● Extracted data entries

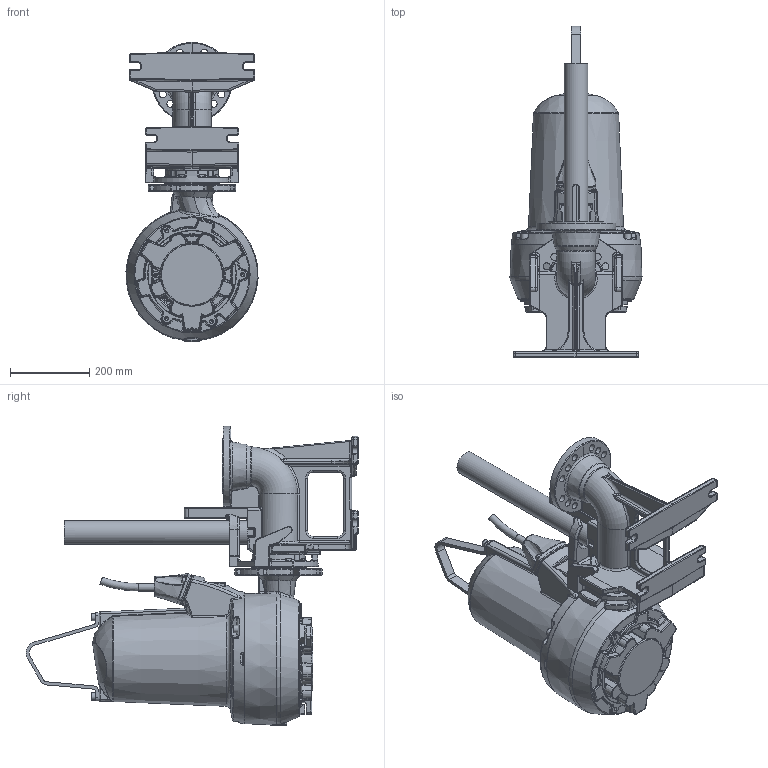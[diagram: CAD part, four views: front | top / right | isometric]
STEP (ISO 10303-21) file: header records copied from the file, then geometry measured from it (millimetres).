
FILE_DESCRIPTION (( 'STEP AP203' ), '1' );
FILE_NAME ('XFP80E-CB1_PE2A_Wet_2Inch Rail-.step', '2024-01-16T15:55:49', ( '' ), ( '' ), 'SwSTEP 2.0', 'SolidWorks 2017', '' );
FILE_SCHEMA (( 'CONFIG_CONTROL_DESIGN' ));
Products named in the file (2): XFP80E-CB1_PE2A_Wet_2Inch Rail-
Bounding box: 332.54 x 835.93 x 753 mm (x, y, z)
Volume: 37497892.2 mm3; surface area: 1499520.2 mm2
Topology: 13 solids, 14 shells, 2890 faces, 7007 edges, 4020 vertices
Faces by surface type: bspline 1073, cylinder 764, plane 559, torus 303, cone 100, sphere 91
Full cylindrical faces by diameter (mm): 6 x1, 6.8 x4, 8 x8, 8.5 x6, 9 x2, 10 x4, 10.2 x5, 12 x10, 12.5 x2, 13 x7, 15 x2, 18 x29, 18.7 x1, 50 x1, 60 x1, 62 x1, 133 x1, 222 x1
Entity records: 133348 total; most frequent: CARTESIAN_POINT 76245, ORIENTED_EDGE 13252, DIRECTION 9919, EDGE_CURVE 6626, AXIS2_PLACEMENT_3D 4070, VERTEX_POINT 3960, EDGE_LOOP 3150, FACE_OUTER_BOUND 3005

● TASK
Only the lines from the start of the records to the line with "Products named in" belong in the copy. Print them exactly, minus pictures.

● YOUR SOLUTION
[diagram: CAD part, four views: front | top / right | isometric]
STEP (ISO 10303-21) file: header records copied from the file, then geometry measured from it (millimetres).
FILE_DESCRIPTION (( 'STEP AP203' ), '1' );
FILE_NAME ('XFP80E-CB1_PE2A_Wet_2Inch Rail-.step', '2024-01-16T15:55:49', ( '' ), ( '' ), 'SwSTEP 2.0', 'SolidWorks 2017', '' );
FILE_SCHEMA (( 'CONFIG_CONTROL_DESIGN' ));
Products named in the file (2): XFP80E-CB1_PE2A_Wet_2Inch Rail-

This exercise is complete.